Adapting a best-selling novel by the iconic JK Rowling must be difficult enough with so many fans to please, but when it’s a story as complex and packed with characters as 2012 bestseller The Casual Vacancy, it must be near impossible. Even its star Keeley Hawes (Line of Duty) said that when she first read the novel, she thought, “how is this going to work? How will it fit into just three parts?”
But she needn’t have worried because it does work— and it’s mesmerising.
The three-part series, written by Sarah Phelps (The Crimson Field), directed by Jonny Campbell (In The Flesh) and produced by Ruth Kenley-Letts (The Hour) is set in the beautiful, seemingly perfect village of Pagford and centres around its residents who are, despite immediate appearances, living far from idyllic lives.
Episode one starts gently, the camera swooping over the English countryside, but soon the colossal cracks begin to show and things get very dark indeed. At the heart of the story is Barry Fairbrother (Rory Kinnear) who is trying to stop the parish council Chairman (Michael Gambon) transforming Sweetlove house, a centre for the homeless and vulnerable, into a spa for the rich and beautiful.
When Barry dies suddenly, Pagford is left in shock, there’s empty seat left on the parish council and all hell breaks loose.

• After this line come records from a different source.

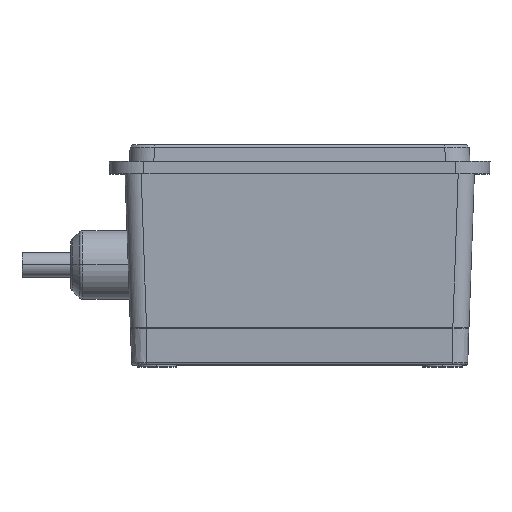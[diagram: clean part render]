
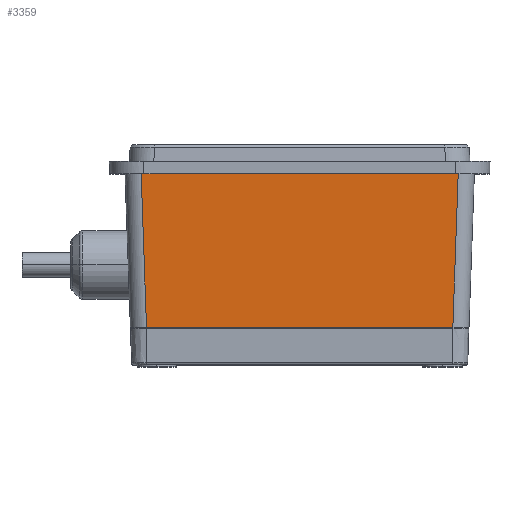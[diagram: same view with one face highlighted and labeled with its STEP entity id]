
A CAD part, top view. The second image highlights one B-rep face of the part: STEP entity #3359.
In plain terms, the highlighted planar face has unit normal (0, -0.035, 0.999).
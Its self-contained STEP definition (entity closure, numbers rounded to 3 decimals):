
#43 = DIRECTION ( 'NONE',  ( -0.035, 0.999, 0.035 ) ) ;
#743 = CARTESIAN_POINT ( 'NONE',  ( -31.305, 7.7, 29.653 ) ) ;
#1165 = LINE ( 'NONE', #3656, #3683 ) ;
#1256 = LINE ( 'NONE', #5735, #2442 ) ;
#1543 = FACE_OUTER_BOUND ( 'NONE', #3301, .T. ) ;
#1564 = EDGE_CURVE ( 'NONE', #2951, #4777, #1944, .T. ) ;
#1577 = AXIS2_PLACEMENT_3D ( 'NONE', #3342, #5836, #3388 ) ;
#1720 = LINE ( 'NONE', #6311, #6107 ) ;
#1924 = ORIENTED_EDGE ( 'NONE', *, *, #4416, .F. ) ;
#1944 = LINE ( 'NONE', #2703, #5532 ) ;
#2254 = EDGE_CURVE ( 'NONE', #6025, #5703, #1165, .T. ) ;
#2442 = VECTOR ( 'NONE', #6465, 1000. ) ;
#2501 = CARTESIAN_POINT ( 'NONE',  ( 32.402, 39.1, 30.75 ) ) ;
#2703 = CARTESIAN_POINT ( 'NONE',  ( 31.305, 7.7, 29.653 ) ) ;
#2951 = VERTEX_POINT ( 'NONE', #5540 ) ;
#3301 = EDGE_LOOP ( 'NONE', ( #4409, #1924, #4175, #4517 ) ) ;
#3342 = CARTESIAN_POINT ( 'NONE',  ( -38.292, 39.1, 30.75 ) ) ;
#3359 = ADVANCED_FACE ( 'NONE', ( #1543 ), #3832, .T. ) ;
#3388 = DIRECTION ( 'NONE',  ( 0., -0.999, -0.035 ) ) ;
#3656 = CARTESIAN_POINT ( 'NONE',  ( -34.402, 96.378, 32.75 ) ) ;
#3683 = VECTOR ( 'NONE', #43, 1000. ) ;
#3832 = PLANE ( 'NONE',  #1577 ) ;
#4175 = ORIENTED_EDGE ( 'NONE', *, *, #1564, .T. ) ;
#4409 = ORIENTED_EDGE ( 'NONE', *, *, #2254, .F. ) ;
#4416 = EDGE_CURVE ( 'NONE', #2951, #6025, #1256, .T. ) ;
#4517 = ORIENTED_EDGE ( 'NONE', *, *, #5347, .T. ) ;
#4777 = VERTEX_POINT ( 'NONE', #2501 ) ;
#5191 = CARTESIAN_POINT ( 'NONE',  ( -32.402, 39.1, 30.75 ) ) ;
#5241 = DIRECTION ( 'NONE',  ( 0.035, 0.999, 0.035 ) ) ;
#5347 = EDGE_CURVE ( 'NONE', #4777, #5703, #1720, .T. ) ;
#5532 = VECTOR ( 'NONE', #5241, 1000. ) ;
#5540 = CARTESIAN_POINT ( 'NONE',  ( 31.305, 7.7, 29.653 ) ) ;
#5703 = VERTEX_POINT ( 'NONE', #5191 ) ;
#5735 = CARTESIAN_POINT ( 'NONE',  ( 33.274, 7.7, 29.653 ) ) ;
#5836 = DIRECTION ( 'NONE',  ( 0., -0.035, 0.999 ) ) ;
#6025 = VERTEX_POINT ( 'NONE', #743 ) ;
#6107 = VECTOR ( 'NONE', #6353, 1000. ) ;
#6311 = CARTESIAN_POINT ( 'NONE',  ( 0., 39.1, 30.75 ) ) ;
#6353 = DIRECTION ( 'NONE',  ( -1., 0., 0. ) ) ;
#6465 = DIRECTION ( 'NONE',  ( -1., 0., 0. ) ) ;

It might all sound a bit Midsomer Murders so far, but it really isn’t.
The Casual Vacancy isn’t really about local council rows, it’s about the hypocrisy, humour and oddness of the British nation, with its drug addiction, racism, bullying and social irresponsibility taking place just beyond the lovely village green.
The most striking character, and the real heart of the series, is tough-talking Krystal Weedon (played by new actress Abigal Lawrie) who lives a desperately difficult life looking after her drug addict mother and four year old brother. I could have watched her all day.
Yet even in the darkness there’s comedy. Barry Fairbother’s half-brother Simon Price (Richard Glover) is a character so buffoon-like and vile that he’s funny, and there are some glorious moments when we witness Samantha Mollison’s (Keeley Hawes) comically awful marriage to the rather pathetic Miles Mollison (Rufus Jones).
Beautifully shot, brilliantly acted and swarming with vivid characters, The Casual Vacancy is one of the best new dramas I’ve seen in a long while. And just as in JK Rowling’s Harry Potter, this new fictional world feels so strange and real that it’s like being put under a spell.